A Former Clerk Pays Tribute to Justice Scalia

Justice Scalia and students

Justice Antonin Scalia socializes with students after his talk in honor of receiving the 2008 Thomas Jefferson Foundation Medal in Law.

February 16, 2016

Dan Bress is a 2005 graduate of the University of Virginia School of Law, where he served as editor-in-chief of the Virginia Law Review. He was a law clerk to U.S. Supreme Court Justice Antonin Scalia for the 2006-07 Term. Bress is currently a litigation partner at Kirkland & Ellis in Washington, D.C.

I remember the first time I met Justice Scalia. I was working on a paper over the winter break my 2L year and sitting in the UVA Law Library with my now-wife Lisa. The library was empty but then a man entered and started walking around. Lisa whispered to me, “I think that’s Justice Scalia.” It appeared to be him, but I could not tell for certain. Realizing this was very likely my only opportunity to ever speak with the Justice, I went up to him and all I could think to say was: “Are you Justice Scalia?” To which he responded with a dry smile: “Someone has to be.”

Little did I know that I would be privileged to clerk for him several years later and then to know him for many more years after that. I wish everyone had the opportunity to know him as I and the other law clerks did. He was a thoughtful and caring man; a devoted husband and father; a person of exceptional integrity and principle; and a patient boss (“The Boss,” as we called him). He would have been all of these things even if he were not also a Supreme Court Justice, and even if he were not possessed of one of the finest legal minds our country has ever known. His contributions to our shared profession are incalculable. He thought and cared so deeply about law, both in its theoretical dimensions and as a technical craft. He wanted — badly — to get it right, idea by idea, word by word.
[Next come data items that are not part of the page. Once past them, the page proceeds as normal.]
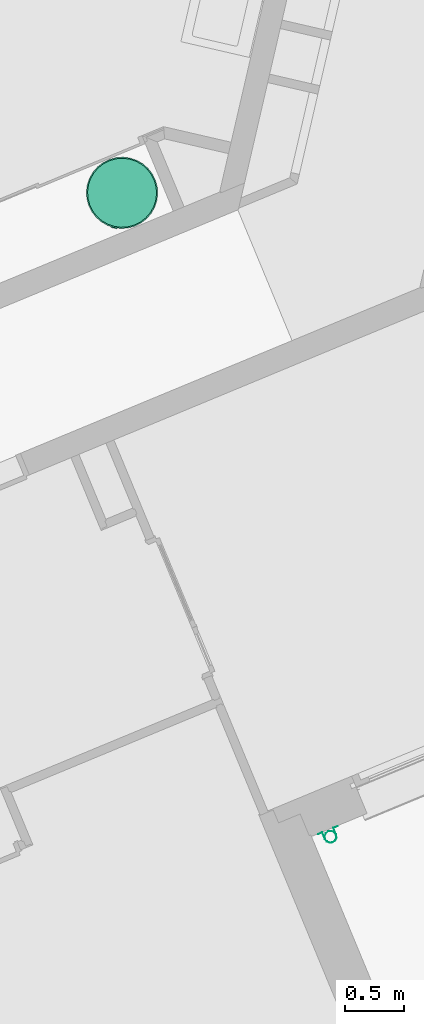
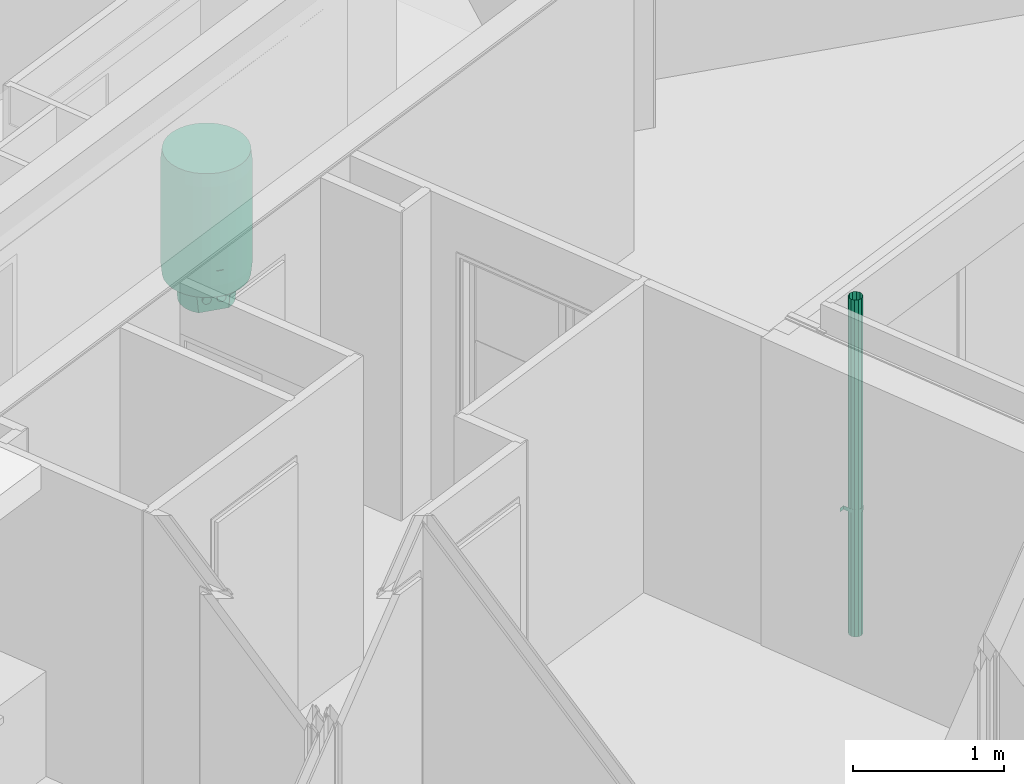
# One storey, part 69 of 91: 1 energy conversion device, 1 flow terminal.
"""IFC2X3 building model written with IfcOpenShell, lengths in metres."""

from ifc_helpers import new_model, entity, si_unit, converted_unit, derived_unit, money_unit, direction, frame, origin_with_axes, place, context, subcontext, project, spatial, open_shell, faceted_brep, surface_model, source, transform, mapped, type_object, element, save


model = new_model("IFC2X3")

# Units and contexts
model_context = context("Model", 3, precision=1e-05, world=origin_with_axes(), true_north=direction((0.0, 1.0)))
body_context = subcontext(model_context, "Body", "Model", "MODEL_VIEW")
ifc_project = project(units=[si_unit("LENGTHUNIT", "METRE"), si_unit("AREAUNIT", "SQUARE_METRE"), si_unit("VOLUMEUNIT", "CUBIC_METRE"), converted_unit("PLANEANGLEUNIT", "DEGREE", entity("IfcPlaneAngleMeasure", 0.0174532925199), si_unit("PLANEANGLEUNIT", "RADIAN"), dimensions=[0, 0, 0, 0, 0, 0, 0]), si_unit("SOLIDANGLEUNIT", "STERADIAN"), money_unit("EUR"), converted_unit("TIMEUNIT", "Year", entity("IfcTimeMeasure", 31556926.0), si_unit("TIMEUNIT", "SECOND"), dimensions=[0, 0, 1, 0, 0, 0, 0]), si_unit("MASSUNIT", "GRAM", prefix="KILO"), si_unit("THERMODYNAMICTEMPERATUREUNIT", "DEGREE_CELSIUS"), si_unit("LUMINOUSINTENSITYUNIT", "LUMEN"), si_unit("ENERGYUNIT", "JOULE", prefix="MEGA"), derived_unit("THERMALCONDUCTANCEUNIT", [(si_unit("POWERUNIT", "WATT"), 1), (si_unit("LENGTHUNIT", "METRE"), -1), (si_unit("THERMODYNAMICTEMPERATUREUNIT", "KELVIN"), -1)]), derived_unit("SPECIFICHEATCAPACITYUNIT", [(si_unit("ENERGYUNIT", "JOULE"), 1), (si_unit("MASSUNIT", "GRAM", prefix="KILO"), -1), (si_unit("THERMODYNAMICTEMPERATUREUNIT", "KELVIN"), -1)]), derived_unit("MASSDENSITYUNIT", [(si_unit("MASSUNIT", "GRAM", prefix="KILO"), 1), (si_unit("VOLUMEUNIT", "CUBIC_METRE"), -1)])], contexts=[model_context])

# Site, building, storey
site_placement = place(None, origin_with_axes())
site = spatial("IfcSite", under=ifc_project, at=site_placement, Name="Site", CompositionType="ELEMENT")
building_placement = place(site_placement, origin_with_axes())
building = spatial("IfcBuilding", under=site, at=building_placement, Name="Bâtiment", CompositionType="ELEMENT")
storey_placement = place(building_placement, frame((0.0, 0.0, 5.44), z_axis=(0.0, 0.0, 1.0), x_axis=(1.0, 0.0, 0.0)))
storey = spatial("IfcBuildingStorey", under=building, at=storey_placement, Name="R+2", CompositionType="ELEMENT", Elevation=5.44)

# Flow terminal
waste_terminal_type = type_object("IfcWasteTerminalType", Name="Tuyau descente 23", PredefinedType="GULLYTRAP")
shared_shape_1 = source(origin_with_axes(), body_context, "Body", "SurfaceModel", [
    surface_model("IfcShellBasedSurfaceModel", [(0.05, -0.0125, 2.7222918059), (0.0433012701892, -0.0375, 2.7222918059), (0.0433012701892, -0.0375, 0.0), (0.05, -0.0125, 0.0), (0.025, -0.0558012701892, 2.7222918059), (0.025, -0.0558012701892, 0.0), (0.0433012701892, 0.0125, 2.7222918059), (0.0433012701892, 0.0125, 0.0), (0.0, -0.0625, 2.7222918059), (0.0, -0.0625, 0.0), (0.025, 0.0308012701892, 2.7222918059), (0.025, 0.0308012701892, 0.0), (-0.025, -0.0558012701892, 2.7222918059), (-0.025, -0.0558012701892, 0.0), (0.0, 0.0375, 2.7222918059), (0.0, 0.0375, 0.0), (-0.0433012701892, -0.0375, 2.7222918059), (-0.0433012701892, -0.0375, 0.0), (-0.025, 0.0308012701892, 2.7222918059), (-0.025, 0.0308012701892, 0.0), (-0.05, -0.0125, 2.7222918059), (-0.05, -0.0125, 0.0), (-0.0433012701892, 0.0125, 2.7222918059), (-0.0433012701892, 0.0125, 0.0)], [open_shell([[[0, 1, 2, 3]], [[1, 4, 5, 2]], [[6, 0, 3, 7]], [[4, 8, 9, 5]], [[10, 6, 7, 11]], [[8, 12, 13, 9]], [[14, 10, 11, 15]], [[12, 16, 17, 13]], [[18, 14, 15, 19]], [[16, 20, 21, 17]], [[22, 18, 19, 23]], [[20, 22, 23, 21]]])]),
    faceted_brep([(-0.09, 0.0479, 1.0), (-0.052, 0.0479, 1.0), (-0.052, 0.0479, 1.03), (-0.09, 0.0479, 1.03), (-0.09, 0.0499, 1.0), (-0.0502, 0.0499, 1.0), (-0.0502, -0.0126, 1.0), (-0.04347447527, -0.0377, 1.0), (-0.0251, -0.05607447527, 1.0), (0.0, -0.0628, 1.0), (0.0251, -0.05607447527, 1.0), (0.04347447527, -0.0377, 1.0), (0.0502, -0.0126, 1.0), (0.0502, 0.0499, 1.0), (0.09, 0.0499, 1.0), (0.09, 0.0479, 1.0), (0.052, 0.0479, 1.0), (0.052, -0.0126, 1.0), (0.0450333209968, -0.0386, 1.0), (0.026, -0.0576333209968, 1.0), (0.0, -0.0646, 1.0), (-0.026, -0.0576333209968, 1.0), (-0.0450333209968, -0.0386, 1.0), (-0.052, -0.0126, 1.0), (-0.052, -0.0126, 1.03), (-0.0450333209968, -0.0386, 1.03), (-0.026, -0.0576333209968, 1.03), (0.0, -0.0646, 1.03), (0.026, -0.0576333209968, 1.03), (0.0450333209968, -0.0386, 1.03), (0.052, -0.0126, 1.03), (0.052, 0.0479, 1.03), (0.09, 0.0479, 1.03), (0.09, 0.0499, 1.03), (0.0502, 0.0499, 1.03), (0.0502, -0.0126, 1.03), (0.04347447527, -0.0377, 1.03), (0.0251, -0.05607447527, 1.03), (0.0, -0.0628, 1.03), (-0.0251, -0.05607447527, 1.03), (-0.04347447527, -0.0377, 1.03), (-0.0502, -0.0126, 1.03), (-0.0502, 0.0499, 1.03), (-0.09, 0.0499, 1.03)], [[[0, 1, 2, 3]], [[0, 4, 5, 6, 7, 8, 9, 10, 11, 12, 13, 14, 15, 16, 17, 18, 19, 20, 21, 22, 23, 1]], [[1, 23, 24, 2]], [[3, 2, 24, 25, 26, 27, 28, 29, 30, 31, 32, 33, 34, 35, 36, 37, 38, 39, 40, 41, 42, 43]], [[4, 0, 3, 43]], [[5, 4, 43, 42]], [[6, 5, 42, 41]], [[7, 6, 41, 40]], [[8, 7, 40, 39]], [[9, 8, 39, 38]], [[10, 9, 38, 37]], [[11, 10, 37, 36]], [[12, 11, 36, 35]], [[13, 12, 35, 34]], [[14, 13, 34, 33]], [[15, 14, 33, 32]], [[16, 15, 32, 31]], [[17, 16, 31, 30]], [[18, 17, 30, 29]], [[19, 18, 29, 28]], [[20, 19, 28, 27]], [[21, 20, 27, 26]], [[22, 21, 26, 25]], [[23, 22, 25, 24]]]),
])
flow_terminal_placement = place(storey_placement, frame((-14.4677643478, -23.0167914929, 0.0), z_axis=(0.0, 0.0, 1.0), x_axis=(0.923701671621, 0.383112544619, 0.0)))
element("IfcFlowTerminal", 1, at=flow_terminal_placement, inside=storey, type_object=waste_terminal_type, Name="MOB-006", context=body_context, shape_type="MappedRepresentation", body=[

But as a person, he had a fundamental decency and a zest for living that pervaded his work and his interactions with others. This was how he led his life.

It may be of note to many UVA Law alumni and students to know how much he loved and respected the University of Virginia. He had many fond memories of teaching at the Law School. Years later, he would hire Law School graduates as clerks (pleased that the Law School continued to give out letter grades). He had many close friends on the faculty, including Lillian BeVier, John Jeffries and his former law clerk John Duffy. In 2008 he received the Thomas Jefferson Foundation Medal in Law and knew the significance of the honor. As he had occasion to write in one of his opinions, "there is only one University of Virginia."

One of the last times I saw the Justice was on the occasion of the retirement of one of his long-time secretaries, Crystal Martin. The Justice hosted a lunch at the Court in her honor and invited both former law clerks and Crystal’s entire family. As after-lunch entertainment, he had arranged for an opera singer from the Washington National Opera to be present. Somewhat amazingly, for the final number the Justice joined him in a duet of "Some Enchanted Evening." Hearing the Justice belt out a serenade to his secretary and friend was not only hilarious, but was emblematic of the Justice’s charm and fearlessness. What other boss, aside from The Boss, would do such a thing?

Upon learning of the Justice’s sudden passing, I was stricken with that emotion that is not sensed until felt, and when felt is felt acutely: grief. Grief for his wife and the family who cherished him; grief for having lost a mentor; grief that the Court and our nation had lost a remarkable citizen. I wish there was one more constitutional law class he could visit or one more opinion he could write. I wish I could see him again at a law clerk’s reunion and say thank you. It was a privilege to have known him and to have learned under him. Years from now I look forward to my children telling me they learned about him in school, and being able to share with them more about my time with the Justice. As many others have already written in these recent days, Justice Scalia will be regarded as among our country’s most consequential jurists. But behind the legal theories and the writings was a man who took great pleasure in law and in people. May we remember him by the joy he brought to law and life.